Report on Krafla (Iceland) — October 1977
Natural Science Event Bulletin, vol. 2, no. 10 (October 1977)
Managing Editor: David Squires.
Krafla (Iceland) Inflation resumes
Please cite this report as:
Global Volcanism Program, 1977. Report on Krafla (Iceland). In: Squires, D. (ed.), Natural Science Event Bulletin, 2:10. Smithsonian Institution. https://doi.org/10.5479/si.GVP.NSEB197710-373080.
65.715°N, 16.728°W; summit elev. 800 m
All times are local (unless otherwise noted)
After the eruption and deflation of 8 September, inflation of Krafla caldera resumed, and has continued at the pre-8 September rate. Dry tilt measurements indicated a complicated pattern of deformation. Repeated levelling showed that the caldera bottom had reached the pre-8 September elevation by mid-October.
During the 8 September event, magma was injected less than 1,200 m beneath the thermal areas, as shown by one drill hole that ejected tephra for half an hour. Since then, thermal activity at Námafjall has increased conspicuously, making access to the area difficult. This fall farmers in the area literally harvested boiled potatoes!

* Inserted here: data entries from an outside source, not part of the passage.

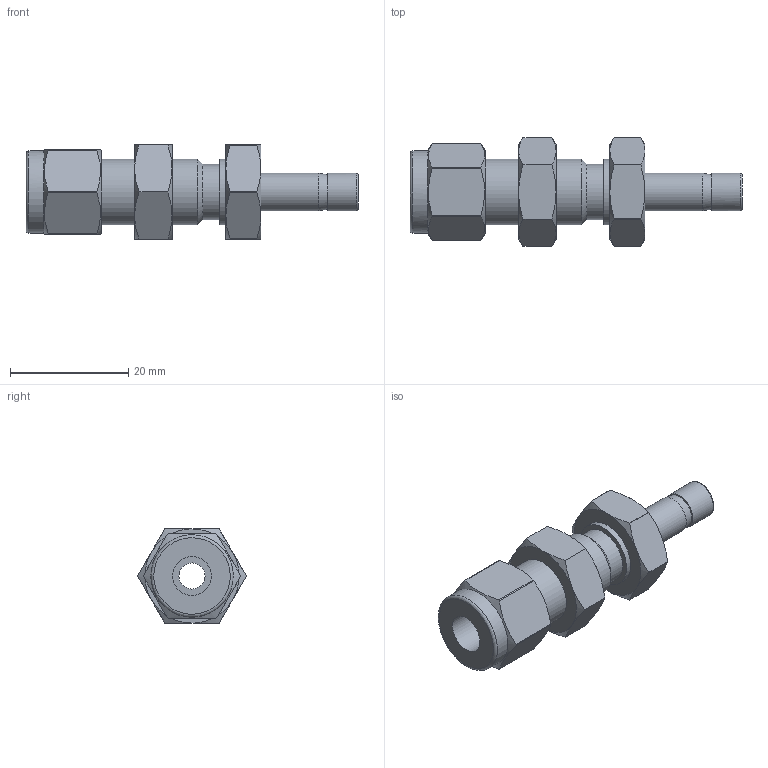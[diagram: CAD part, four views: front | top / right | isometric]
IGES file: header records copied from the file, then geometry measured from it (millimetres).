
Global section: file name: SRB-4-4; native system: Autodesk Inventor 2016; preprocessor: unknown; author: 배성훈,,11,0; organization: 20151111.081306; date: 20151113.104448; units: millimetre
Bounding box: 56.04 x 18.36 x 15.9 mm (x, y, z)
Volume: 5524.9 mm3; surface area: 3766 mm2
Topology: 1 solids, 1 shells, 80 faces, 203 edges, 134 vertices
Faces by surface type: bspline 80

Remeasuring of geodimeter lines in late October indicated continued rifting of the fissure system, amounting to 20 cm since 15 September. Seismic activity is presently at a minimum, as was the case before the 8 September event. Renewed volcanic activity is expected before the end of November.
Geologic Background. The Krafla central volcano, located NE of Myvatn lake, is a topographically indistinct 10-km-wide caldera that is cut by a N-S-trending fissure system. Eruption of a rhyolitic welded tuff about 100,000 years ago was associated with formation of the caldera. Krafla has been the source of many rifting and eruptive events during the Holocene, including two in historical time, during 1724-29 and 1975-84. The prominent Hverfjall and Ludent tuff rings east of Myvatn were erupted along the 100-km-long fissure system, which extends as far as the north coast of Iceland. Iceland's renowned Myvatn lake formed during the eruption of the older Laxarhraun lava flow from the Ketildyngja shield volcano of the Fremrinamur volcanic system about 3800 years before present (BP); its present shape is constrained by the roughly 2000 years BP younger Laxarhraun lava flow from the Krafla volcanic system. The abundant pseudocraters that form a prominent part of the Myvatn landscape were created when the younger Laxarhraun lava flow entered the lake.
Information Contacts: G. Sigvaldason, NVI.